Kapolres Jakarta Timur Kombes Alfian Nurrizal mengatakan pihaknya telah menggerebek kios tersebut. Mereka beroperasi berkedok penjual pulsa dan kosmetik.
"Polres Metro Jakarta Timur melakukan pengecekan langsung atas dugaan penjualan obat keras jenis tramadol yang berkedok kios pulsa dan kosmetik di tiga lokasi kios yang berada di wilayah Kelurahan Pekayon dan Kelurahan Kalisari, Kecamatan Pasar Rebo, Jakarta Timur," kata Alfian lewat keterangannya.
Alfian menuturkan, dari keterangan pemilik, kios itu disewakan kepada seseorang selama lebih dari 6 bulan.
Saat digerebek, polisi menemukan 15 papan atau 150 butir obat jenis trihexyphenidyl serta 250 butir obat kuning yang diduga tramadol.
Pelaku Penjual Obat Terlarang Tak Ada di Lokasi
Dalam penggerebekan itu, polisi tidak menemukan keberadaan pelaku. Menurut polisi, kios tersebut sudah tutup dua hari terakhir setelah video penggerebekan warga viral.

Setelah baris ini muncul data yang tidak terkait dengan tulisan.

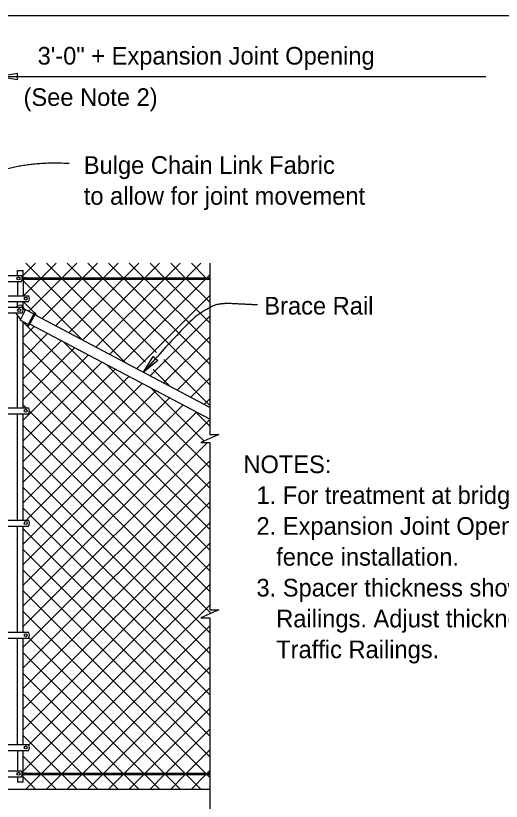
# Model space of a CAD drawing. Extents: x 0 to 72.1, y -7 to 30.
# Drawn here: x 28.78 to 34.31, y 19.05 to 28.01 of the extents above; entities that cross this region are included whole.
import ezdxf

# ---------------------------------------------------------------- set-up
doc = ezdxf.new("R2010")
doc.units = 0
for name, color, linetype in [('ActivePts-ConstElements', 7, 'Continuous'), ('AdhocPoint_dp', 7, 'Continuous'), ('Border', 7, 'Continuous'), ('PlotBorder_dp', 7, 'Continuous'), ('TextMisc', 7, 'Continuous'), ('TextStructures', 7, 'Continuous')]:
    doc.layers.add(name, color=color, linetype=linetype)

msp = doc.modelspace()

# ---------------------------------------------------------------- linework, layer by layer
at = {"layer": 'ActivePts-ConstElements'}
msp.add_lwpolyline([(0.016, 2.0538), (41.2266, 2.0538), (41.2266, 28.0138), (0.016, 28.0138)], close=True, dxfattribs=at)
at = {"layer": 'AdhocPoint_dp'}
for p, q in [((28.8631, 25.0498), (29.0033, 25.1899)), ((28.8958, 25.1899), (29.0625, 25.0233)), ((29.0723, 25.0233), (29.239, 25.1899)), ((29.1315, 25.1899), (29.2982, 25.0233)), ((29.308, 25.0233), (29.4747, 25.1899)), ((29.3672, 25.1899), (29.5339, 25.0233)), ((29.5437, 25.0233), (29.7104, 25.1899)), ((29.6029, 25.1899), (29.7696, 25.0233)), ((29.7794, 25.0233), (29.9461, 25.1899)), ((29.8386, 25.1899), (30.0053, 25.0233)), ((30.0151, 25.0233), (30.1818, 25.1899)), ((30.0743, 25.1899), (30.241, 25.0233)), ((30.2508, 25.0233), (30.4175, 25.1899)), ((30.31, 25.1899), (30.4767, 25.0233)), ((30.4865, 25.0233), (30.6532, 25.1899)), ((30.5457, 25.1899), (30.7124, 25.0233)), ((30.7222, 25.0233), (30.8889, 25.1899)), ((30.7814, 25.1899), (30.9481, 25.0233)), ((30.9579, 25.0233), (30.9922, 25.0576)), ((28.8631, 24.9869), (29.5355, 24.3145)), ((28.8682, 24.8192), (29.0575, 25.0085)), ((28.928, 24.6433), (29.2932, 25.0085)), ((29.0772, 25.0085), (30.0354, 24.0504)), ((29.0772, 24.5567), (29.5289, 25.0085)), ((29.2314, 24.4752), (29.7647, 25.0085)), ((29.3129, 25.0085), (30.2592, 24.0623)), ((29.3856, 24.3938), (30.0004, 25.0085)), ((29.5398, 24.3123), (30.2361, 25.0085)), ((29.5486, 25.0085), (30.3848, 24.1723)), ((29.694, 24.2308), (30.4718, 25.0085)), ((29.7843, 25.0085), (30.9922, 23.8006)), ((29.8482, 24.1493), (30.7075, 25.0085)), ((30.0024, 24.0678), (30.9432, 25.0085)), ((30.02, 25.0085), (30.9922, 24.0363)), ((30.2557, 25.0085), (30.9922, 24.2721)), ((30.4914, 25.0085), (30.9922, 24.5078)), ((30.7271, 25.0085), (30.9922, 24.7435)), ((28.8631, 24.7512), (28.992, 24.6224)), ((30.1566, 23.9863), (30.9922, 24.8219)), ((29.0019, 24.6125), (29.0357, 24.5787)), ((30.3108, 23.9048), (30.9922, 24.5862)), ((28.8631, 24.5155), (30.9922, 22.3864)), ((28.8631, 24.3427), (28.9884, 24.468)), ((28.8631, 24.107), (29.1426, 24.3865)), ((28.8631, 23.8713), (29.2968, 24.305)), ((30.4651, 23.8233), (30.9922, 24.3505)), ((28.8631, 24.2798), (30.9922, 22.1507)), ((28.8631, 23.6356), (29.451, 24.2235)), ((29.3234, 24.291), (30.9922, 22.6221)), ((28.8631, 23.3999), (29.6053, 24.142)), ((30.6193, 23.7418), (30.9922, 24.1148)), ((28.8631, 23.1642), (29.7595, 24.0605)), ((28.8631, 24.0441), (30.9922, 21.915)), ((29.8232, 24.0268), (30.9922, 22.8578)), ((30.4678, 24.0894), (30.9922, 23.5649)), ((28.8631, 22.9285), (29.9137, 23.979)), ((30.3442, 23.9773), (30.5352, 23.7862)), ((28.8631, 22.6928), (30.0679, 23.8975)), ((30.7735, 23.6603), (30.9922, 23.8791)), ((28.8631, 22.4571), (30.2221, 23.8161)), ((28.8631, 23.8084), (30.9922, 21.6793)), ((30.323, 23.7627), (30.9245, 23.1612)), ((28.9057, 22.264), (30.3763, 23.7346)), ((28.8631, 21.9857), (30.5305, 23.6531)), ((30.9277, 23.5788), (30.9922, 23.6434)), ((28.8631, 23.5727), (28.8972, 23.5386)), ((28.8631, 21.75), (30.6847, 23.5716)), ((28.8631, 21.5143), (30.8389, 23.4901)), ((28.9355, 23.5003), (30.9922, 21.4436)), ((30.8229, 23.4986), (30.9922, 23.3292)), ((28.8631, 21.2786), (30.9922, 23.4076)), ((28.8631, 23.337), (31.0051, 21.195)), ((28.8631, 21.0429), (30.966, 23.1457)), ((28.8631, 23.1013), (30.9922, 20.9722)), ((28.8631, 20.8072), (30.9922, 22.9362)), ((28.8631, 22.8656), (30.9922, 20.7365)), ((28.8631, 20.5715), (30.9922, 22.7005)), ((28.8631, 22.6299), (30.9922, 20.5008)), ((28.8631, 20.3358), (30.9922, 22.4648)), ((28.8631, 22.3942), (30.9922, 20.2651)), ((28.8631, 20.1001), (30.9922, 22.2291)), ((28.8631, 22.1585), (30.9922, 20.0294)), ((28.8631, 19.8644), (30.9922, 21.9934)), ((28.8631, 21.9228), (30.9922, 19.7937)), ((28.9289, 19.6944), (30.9922, 21.7577)), ((28.8631, 21.6871), (30.9922, 19.558)), ((28.8631, 19.393), (30.9922, 21.522)), ((28.8631, 21.4514), (30.9432, 19.3714)), ((29.0772, 19.3714), (30.9922, 21.2863)), ((28.8631, 21.2157), (30.7075, 19.3714)), ((29.3129, 19.3714), (30.9922, 21.0506)), ((28.9289, 20.9142), (30.4718, 19.3714)), ((29.5486, 19.3714), (30.9922, 20.8149)), ((28.8631, 20.7443), (30.2361, 19.3714)), ((29.7843, 19.3714), (30.9922, 20.5792)), ((28.8631, 20.5086), (30.0004, 19.3714)), ((28.8631, 20.2729), (29.7647, 19.3714)), ((30.02, 19.3714), (30.9922, 20.3435)), ((30.2557, 19.3714), (30.9922, 20.1078)), ((28.8631, 20.0372), (29.5289, 19.3714)), ((30.4914, 19.3714), (30.9922, 19.8721)), ((28.8631, 19.8015), (29.2932, 19.3714)), ((30.7271, 19.3714), (30.9922, 19.6364)), ((28.8631, 19.5658), (29.0575, 19.3714)), ((30.9628, 19.3714), (30.9922, 19.4007)), ((28.8631, 19.3301), (29.0033, 19.1899)), ((28.8958, 19.1899), (29.0625, 19.3566)), ((29.0723, 19.3566), (29.239, 19.1899)), ((29.1315, 19.1899), (29.2982, 19.3566)), ((29.308, 19.3566), (29.4747, 19.1899)), ((29.3672, 19.1899), (29.5339, 19.3566)), ((29.5437, 19.3566), (29.7104, 19.1899)), ((29.6029, 19.1899), (29.7696, 19.3566)), ((29.7794, 19.3566), (29.9461, 19.1899)), ((29.8386, 19.1899), (30.0053, 19.3566)), ((30.0151, 19.3566), (30.1818, 19.1899)), ((30.0743, 19.1899), (30.241, 19.3566)), ((30.2508, 19.3566), (30.4175, 19.1899)), ((30.31, 19.1899), (30.4767, 19.3566)), ((30.4865, 19.3566), (30.6532, 19.1899)), ((30.5457, 19.1899), (30.7124, 19.3566)), ((30.7222, 19.3566), (30.8889, 19.1899)), ((30.7814, 19.1899), (30.9481, 19.3566)), ((30.9579, 19.3566), (30.9922, 19.3223))]:
    msp.add_line(p, q, dxfattribs=at)
at = {"layer": 'Border'}
msp.add_line((25.6769, 27.321), (34.1393, 27.321), dxfattribs=at)
for points in [[(28.5923, 27.321), (28.8005, 27.2857), (28.8005, 27.3563)], [(30.3985, 24.0782), (30.2344, 23.9452), (30.3456, 24.1248)]]:
    msp.add_lwpolyline(points, close=True, dxfattribs=at)
for points in [[(30.9922, 25.192), (30.9922, 23.2357), (31.0955, 23.2357), (30.9922, 23.1907), (30.8889, 23.1457), (30.9922, 23.1457), (30.9922, 22.2521)], [(30.9922, 22.2521), (30.9922, 21.2344), (31.0955, 21.2344), (30.9922, 21.1894), (30.8889, 21.1444), (30.9922, 21.1444), (30.9922, 19.1899)], [(30.9922, 19.1899), (30.9922, 17.756), (31.0955, 17.756), (30.9922, 17.711), (30.8888, 17.666), (30.9922, 17.666), (30.9922, 15.3986)]]:
    msp.add_lwpolyline(points, dxfattribs=at)
for points in [[(29.3872, 26.3263), (28.9587, 26.3515), (28.2277, 26.1329), (27.9253, 25.5441), (27.7572, 24.0372)], [(31.5359, 24.7135), (31.3793, 24.7216), (31.0909, 24.7347), (30.9416, 24.6582), (30.734, 24.5124), (30.2344, 23.9452)]]:
    msp.add_open_spline(points, degree=2, dxfattribs=at)
at = {"layer": 'PlotBorder_dp'}
for p, q in [((28.8006, 25.0504), (28.8006, 25.1066)), ((28.8006, 25.1066), (28.8631, 25.1066)), ((28.8006, 25.0504), (28.8006, 25.1066)), ((28.8006, 25.1066), (28.8631, 25.1066)), ((28.8631, 25.0264), (28.8631, 25.1066)), ((28.8631, 25.0264), (28.8631, 25.1066)), ((28.4366, 25.0504), (28.8463, 25.0504)), ((28.8536, 25.0279), (28.8828, 25.0233)), ((28.8537, 25.0279), (28.8829, 25.0233)), ((28.8541, 25.0075), (28.8877, 25.0131)), ((28.8542, 25.0229), (28.8802, 25.0189)), ((28.8542, 25.0075), (28.8878, 25.0131)), ((28.8543, 25.0229), (28.8803, 25.0189)), ((28.8545, 25.0123), (28.8844, 25.0172)), ((28.8546, 25.0123), (28.8845, 25.0172)), ((28.8631, 25.0215), (28.8631, 25.0136)), ((28.8631, 25.0215), (28.8631, 25.0136)), ((28.9015, 25.0233), (30.9922, 25.0233)), ((28.4366, 24.9827), (28.846, 24.9827)), ((28.8006, 24.9826), (28.8006, 24.8191)), ((28.8006, 24.9826), (28.8006, 24.8191)), ((28.8631, 25.009), (28.8631, 24.8191)), ((28.8631, 25.009), (28.8631, 24.8191)), ((28.9002, 25.0085), (30.9922, 25.0085)), ((28.4366, 24.8192), (28.9276, 24.8192)), ((28.4366, 24.7516), (28.9269, 24.7516)), ((28.8006, 24.7025), (28.8006, 24.7516)), ((28.8631, 24.6949), (28.8631, 24.7516)), ((28.3299, 24.6896), (28.8547, 24.6896)), ((28.8923, 24.6621), (28.8286, 24.5416)), ((28.8888, 24.6556), (28.8541, 24.7087)), ((28.8923, 24.6621), (28.9866, 24.6123)), ((28.3299, 24.6218), (28.8547, 24.6218)), ((28.8328, 24.5496), (28.7859, 24.6213)), ((28.8006, 23.5386), (28.8006, 24.5988)), ((28.9912, 24.6209), (28.9187, 24.4838)), ((29.0031, 24.6147), (28.9306, 24.4776)), ((30.9922, 23.5447), (28.9953, 24.6)), ((28.9229, 24.4917), (28.8286, 24.5416)), ((28.8631, 23.5386), (28.8631, 24.5233)), ((30.9922, 23.4091), (28.9393, 24.494)), ((28.4366, 23.5386), (28.9276, 23.5386)), ((28.4366, 23.471), (28.9269, 23.471)), ((28.8006, 22.2581), (28.8006, 23.471)), ((28.8631, 22.2581), (28.8631, 23.471)), ((28.4366, 22.2581), (28.9276, 22.2581)), ((28.4366, 22.1905), (28.9269, 22.1905)), ((28.8006, 20.9776), (28.8006, 22.1905)), ((28.8631, 20.9776), (28.8631, 22.1905)), ((28.9276, 20.9776), (28.2577, 20.9776)), ((28.4366, 20.9101), (28.9269, 20.9101)), ((28.8006, 19.6971), (28.8006, 20.9099)), ((28.8631, 19.6971), (28.8631, 20.9099)), ((28.4366, 19.6972), (28.9276, 19.6972)), ((28.4366, 19.6295), (28.9269, 19.6295)), ((28.8006, 19.6295), (28.8006, 19.3985)), ((28.8631, 19.3745), (28.8631, 19.6295)), ((28.3385, 19.3985), (28.8463, 19.3985)), ((28.3385, 19.3985), (28.8463, 19.3985)), ((28.8536, 19.376), (28.8828, 19.3715)), ((28.8536, 19.376), (28.8828, 19.3715)), ((28.8537, 19.376), (28.8829, 19.3715)), ((28.8537, 19.376), (28.8829, 19.3715)), ((28.8542, 19.3709), (28.8802, 19.3669)), ((28.8542, 19.3709), (28.8802, 19.3669)), ((28.8543, 19.3709), (28.8803, 19.3669)), ((28.8543, 19.3709), (28.8803, 19.3669)), ((28.8545, 19.3603), (28.8844, 19.3653)), ((28.8545, 19.3603), (28.8844, 19.3653)), ((28.8546, 19.3603), (28.8845, 19.3653)), ((28.8546, 19.3603), (28.8845, 19.3653)), ((28.8631, 19.3617), (28.8631, 19.3695)), ((28.8631, 19.3617), (28.8631, 19.3695)), ((28.8631, 19.3617), (28.8631, 19.3695)), ((28.8631, 19.3617), (28.8631, 19.3695)), ((28.9015, 19.3714), (30.9922, 19.3714)), ((28.3387, 19.3307), (28.846, 19.3307)), ((28.3387, 19.3307), (28.846, 19.3307)), ((28.8006, 19.3307), (28.8006, 19.2733)), ((28.8006, 19.2733), (28.8631, 19.2733)), ((28.8541, 19.3556), (28.8877, 19.3613)), ((28.8541, 19.3556), (28.8877, 19.3613)), ((28.8542, 19.3556), (28.8878, 19.3613)), ((28.8542, 19.3556), (28.8878, 19.3613)), ((28.8631, 19.2733), (28.8631, 19.3571)), ((28.9002, 19.3566), (30.9922, 19.3566))]:
    msp.add_line(p, q, dxfattribs=at)
for centre, start, end in [((28.997, 24.6177), 332.14902, 152.14902), ((28.9245, 24.4805), 152.14902, 332.14902)]:
    msp.add_arc(centre, 0.00673, start, end, dxfattribs=at)
for centre, major_axis in [((28.8103, 25.0159), (-0.0178, 0)), ((28.8103, 25.0159), (-0.0178, 0)), ((28.8939, 24.7864), (-0.0177, 0)), ((28.8939, 24.7864), (-0.0177, 0)), ((28.8188, 24.655), (-0.0178, 0)), ((28.8939, 23.5059), (-0.0177, 0)), ((28.8939, 23.5059), (-0.0177, 0)), ((28.8939, 22.2254), (-0.0177, 0)), ((28.8939, 22.2254), (-0.0177, 0)), ((28.8939, 20.9449), (-0.0177, 0)), ((28.8939, 20.9449), (-0.0177, 0)), ((28.8939, 19.6644), (-0.0177, 0)), ((28.8103, 19.364), (-0.0178, 0)), ((28.8103, 19.364), (-0.0178, 0)), ((28.8103, 19.364), (-0.0178, 0)), ((28.8103, 19.364), (-0.0178, 0))]:
    msp.add_ellipse(centre, major_axis=major_axis, ratio=0.957868, dxfattribs=at)
for centre, major_axis, ratio, start_param, end_param in [((28.777, 25.0168), (0.0776, 0), 0.957868, 5.803915, 6.752041), ((28.777, 25.0168), (0.0776, 0), 0.957868, 5.803915, 6.752041), ((28.8854, 25.0135), (-0.0095, 0), 0.957868, 5.673972, 6.052579), ((28.8854, 25.0135), (-0.0095, 0), 0.957868, 5.673972, 6.052579), ((28.8854, 25.0135), (-0.0095, 0), 0.957868, 0.252467, 1.271421), ((28.8854, 25.0135), (-0.0095, 0), 0.957868, 0.252467, 1.271421), ((28.8795, 25.0093), (0.00982, 0), 0.957868, 0.655696, 1.505671), ((28.8795, 25.0093), (0.00982, 0), 0.957868, 0.655696, 1.505671), ((28.8814, 25.0142), (0.0115, -0.0041), 0.737732, 5.08821, 8.212701), ((28.8814, 25.0142), (0.0115, -0.0041), 0.737732, 5.08821, 8.212701), ((28.8848, 25.0117), (0.00301, 0), 0.957868, 3.28349, 5.170635), ((28.8848, 25.0117), (0.00301, 0), 0.957868, 3.28349, 5.170635), ((28.8855, 25.0139), (-0.00453, 0), 0.957868, 5.149727, 5.551998), ((28.8855, 25.0139), (-0.00453, 0), 0.957868, 5.149727, 5.551998), ((28.8827, 25.0126), (0.00527, 0), 0.957868, 5.058829, 7.342751), ((28.8827, 25.0126), (0.00527, 0), 0.957868, 5.058829, 7.342751), ((28.8871, 25.015), (-0.00872, 0), 0.957868, 2.1008, 4.992926), ((28.8871, 25.015), (-0.00872, 0), 0.957868, 2.1008, 4.992926), ((28.8848, 25.0117), (0.00301, 0), 0.957868, 0.004594, 0.141897), ((28.8848, 25.0117), (0.00301, 0), 0.957868, 0.004594, 0.141897), ((28.8932, 25.0146), (0.00944, 0), 0.957868, 4.316497, 6.557353), ((28.8932, 25.0146), (0.00944, 0), 0.957868, 4.316497, 6.557353), ((28.8936, 25.0155), (-0.00872, 0), 0.957868, 3.323334, 4.992926), ((28.8936, 25.0155), (-0.00872, 0), 0.957868, 3.323334, 4.992926), ((28.8936, 25.0155), (-0.00503, 0), 0.92697, 1.780895, 4.712389), ((28.8936, 25.0155), (-0.00503, 0), 0.92697, 1.780895, 4.712389), ((28.8984, 25.01), (-0.0142, 0), 0.957868, 3.141593, 4.79635), ((28.8984, 25.01), (-0.0142, 0), 0.957868, 3.141593, 4.79635), ((28.8904, 24.995), (0.0274, 0), 0.957868, 0.628521, 1.149654), ((28.8904, 24.995), (0.0274, 0), 0.957868, 0.628521, 1.149654), ((28.8581, 24.786), (0.0776, 0), 0.957868, 5.801244, 6.745158), ((28.8581, 24.786), (0.0776, 0), 0.957868, 5.801244, 6.745158), ((28.8375, 24.6404), (-0.0647, 0.0342), 0.957868, 4.95193, 6.011789), ((28.7855, 24.6554), (0.0776, 0), 0.957868, 5.810211, 6.75616), ((28.8581, 23.5055), (0.0776, 0), 0.957868, 5.801046, 6.744962), ((28.8581, 23.5055), (0.0776, 0), 0.957868, 5.801046, 6.744962), ((28.8581, 22.225), (0.0776, 0), 0.957868, 5.800848, 6.744767), ((28.8581, 22.225), (0.0776, 0), 0.957868, 5.800848, 6.744767), ((28.8581, 20.9446), (0.0776, 0), 0.957868, 5.800848, 6.744767), ((28.8581, 19.664), (0.0776, 0), 0.957868, 5.800651, 6.745353), ((28.777, 19.3649), (0.0776, 0), 0.957868, 5.803915, 6.752041), ((28.777, 19.3649), (0.0776, 0), 0.957868, 5.803915, 6.752041), ((28.777, 19.3649), (0.0776, 0), 0.957868, 5.803915, 6.752041), ((28.777, 19.3649), (0.0776, 0), 0.957868, 5.803915, 6.752041), ((28.8854, 19.3615), (-0.0095, 0), 0.957868, 5.673972, 6.052579), ((28.8854, 19.3615), (-0.0095, 0), 0.957868, 5.673972, 6.052579), ((28.8854, 19.3615), (-0.0095, 0), 0.957868, 5.673972, 6.052579), ((28.8854, 19.3615), (-0.0095, 0), 0.957868, 5.673972, 6.052579), ((28.8795, 19.3574), (0.00982, 0), 0.957868, 0.655696, 1.505671), ((28.8795, 19.3574), (0.00982, 0), 0.957868, 0.655696, 1.505671), ((28.8795, 19.3574), (0.00982, 0), 0.957868, 0.655696, 1.505671), ((28.8795, 19.3574), (0.00982, 0), 0.957868, 0.655696, 1.505671), ((28.8814, 19.3623), (0.0115, -0.0041), 0.737732, 5.08821, 8.212701), ((28.8814, 19.3623), (0.0115, -0.0041), 0.737732, 5.08821, 8.212701), ((28.8814, 19.3623), (0.0115, -0.0041), 0.737732, 5.08821, 8.212701), ((28.8814, 19.3623), (0.0115, -0.0041), 0.737732, 5.08821, 8.212701), ((28.8855, 19.362), (-0.00453, 0), 0.957868, 5.149727, 5.551998), ((28.8855, 19.362), (-0.00453, 0), 0.957868, 5.149727, 5.551998), ((28.8855, 19.362), (-0.00453, 0), 0.957868, 5.149727, 5.551998), ((28.8855, 19.362), (-0.00453, 0), 0.957868, 5.149727, 5.551998), ((28.8827, 19.3607), (0.00527, 0), 0.957868, 5.058829, 7.342751), ((28.8827, 19.3607), (0.00527, 0), 0.957868, 5.058829, 7.342751), ((28.8827, 19.3607), (0.00527, 0), 0.957868, 5.058829, 7.342751), ((28.8827, 19.3607), (0.00527, 0), 0.957868, 5.058829, 7.342751), ((28.8871, 19.3631), (-0.00872, 0), 0.957868, 2.1008, 4.992926), ((28.8871, 19.3631), (-0.00872, 0), 0.957868, 2.1008, 4.992926), ((28.8871, 19.3631), (-0.00872, 0), 0.957868, 2.1008, 4.992926), ((28.8871, 19.3631), (-0.00872, 0), 0.957868, 2.1008, 4.992926), ((28.8932, 19.3627), (0.00944, 0), 0.957868, 4.316497, 6.557353), ((28.8932, 19.3627), (0.00944, 0), 0.957868, 4.316497, 6.557353), ((28.8932, 19.3627), (0.00944, 0), 0.957868, 4.316497, 6.557353), ((28.8932, 19.3627), (0.00944, 0), 0.957868, 4.316497, 6.557353), ((28.8936, 19.3636), (-0.00872, 0), 0.957868, 3.323334, 4.992926), ((28.8936, 19.3636), (-0.00872, 0), 0.957868, 3.323334, 4.992926), ((28.8936, 19.3636), (-0.00872, 0), 0.957868, 3.323334, 4.992926), ((28.8936, 19.3636), (-0.00872, 0), 0.957868, 3.323334, 4.992926), ((28.8936, 19.3636), (-0.00503, 0), 0.92697, 1.780895, 4.712389), ((28.8936, 19.3636), (-0.00503, 0), 0.92697, 1.780895, 4.712389), ((28.8936, 19.3636), (-0.00503, 0), 0.92697, 1.780895, 4.712389), ((28.8936, 19.3636), (-0.00503, 0), 0.92697, 1.780895, 4.712389), ((28.8984, 19.3581), (-0.0142, 0), 0.957868, 3.141593, 4.79635), ((28.8984, 19.3581), (-0.0142, 0), 0.957868, 3.141593, 4.79635), ((28.8984, 19.3581), (-0.0142, 0), 0.957868, 3.141593, 4.79635), ((28.8984, 19.3581), (-0.0142, 0), 0.957868, 3.141593, 4.79635), ((28.8904, 19.3431), (0.0274, 0), 0.957868, 0.628521, 1.149654), ((28.8904, 19.3431), (0.0274, 0), 0.957868, 0.628521, 1.149654), ((28.8904, 19.3431), (0.0274, 0), 0.957868, 0.628521, 1.149654), ((28.8904, 19.3431), (0.0274, 0), 0.957868, 0.628521, 1.149654), ((28.8854, 19.3615), (-0.0095, 0), 0.957868, 0.252467, 1.271421), ((28.8854, 19.3615), (-0.0095, 0), 0.957868, 0.252467, 1.271421), ((28.8854, 19.3615), (-0.0095, 0), 0.957868, 0.252467, 1.271421), ((28.8854, 19.3615), (-0.0095, 0), 0.957868, 0.252467, 1.271421), ((28.8848, 19.3598), (0.00301, 0), 0.957868, 3.28349, 5.170635), ((28.8848, 19.3598), (0.00301, 0), 0.957868, 3.28349, 5.170635), ((28.8848, 19.3598), (0.00301, 0), 0.957868, 3.28349, 5.170635), ((28.8848, 19.3598), (0.00301, 0), 0.957868, 3.28349, 5.170635), ((28.8848, 19.3598), (0.00301, 0), 0.957868, 0.004594, 0.141897), ((28.8848, 19.3598), (0.00301, 0), 0.957868, 0.004594, 0.141897), ((28.8848, 19.3598), (0.00301, 0), 0.957868, 0.004594, 0.141897), ((28.8848, 19.3598), (0.00301, 0), 0.957868, 0.004594, 0.141897)]:
    msp.add_ellipse(centre, major_axis=major_axis, ratio=ratio, start_param=start_param, end_param=end_param, dxfattribs=at)
at = {"layer": 'TextMisc'}
msp.add_line((27.5923, 19.1899), (30.9922, 19.1899), dxfattribs=at)

# ---------------------------------------------------------------- texts
at = {"layer": 'Border'}
for s, p in [('Bulge Chain Link Fabric', (29.5553, 26.2091)), ('to allow for joint movement', (29.5553, 25.8571)), ('NOTES:', (31.3742, 22.7946)), ('  1. For treatment at bridge ends, see Sheet 1.', (31.3742, 22.4426)), ('  2. Expansion Joint Opening is the width at the time of', (31.3742, 22.0906)), ('     fence installation.', (31.3742, 21.7386)), ('  3. Spacer thickness shown is for Single-Slope Traffic', (31.3742, 21.3866)), ('     Railings. Adjust thickness as required for other', (31.3742, 21.0346)), ('     Traffic Railings.', (31.3742, 20.6826))]:
    msp.add_text(s, height=0.2016, dxfattribs=at).set_placement(p)
at = {"layer": 'TextStructures'}
for s, p in [('3\'-0" + Expansion Joint Opening', (29.0291, 27.4561)), ('(See Note 2)', (28.8684, 26.9844)), ('Brace Rail', (31.6132, 24.6036))]:
    msp.add_text(s, height=0.2016, dxfattribs=at).set_placement(p)

doc.saveas('drawing.dxf')

"Saat dilakukan sidak, kios yang diduga menjual obat keras tersebut telah tutup selama dua hari, tepatnya sejak Sabtu, 7 Maret 2026, setelah beredar video viral di media sosial terkait penyerangan petasan oleh orang tak dikenal ke arah kios tersebut," jelas Alfian.
Petugas kemudian melakukan pembongkaran dan pemeriksaan kios dengan disaksikan oleh ketua RT setempat serta pemilik bangunan untuk memastikan kondisi di dalam kios.
Saat ini barang bukti telah diamankan oleh pihak kepolisian untuk proses penyelidikan lebih lanjut.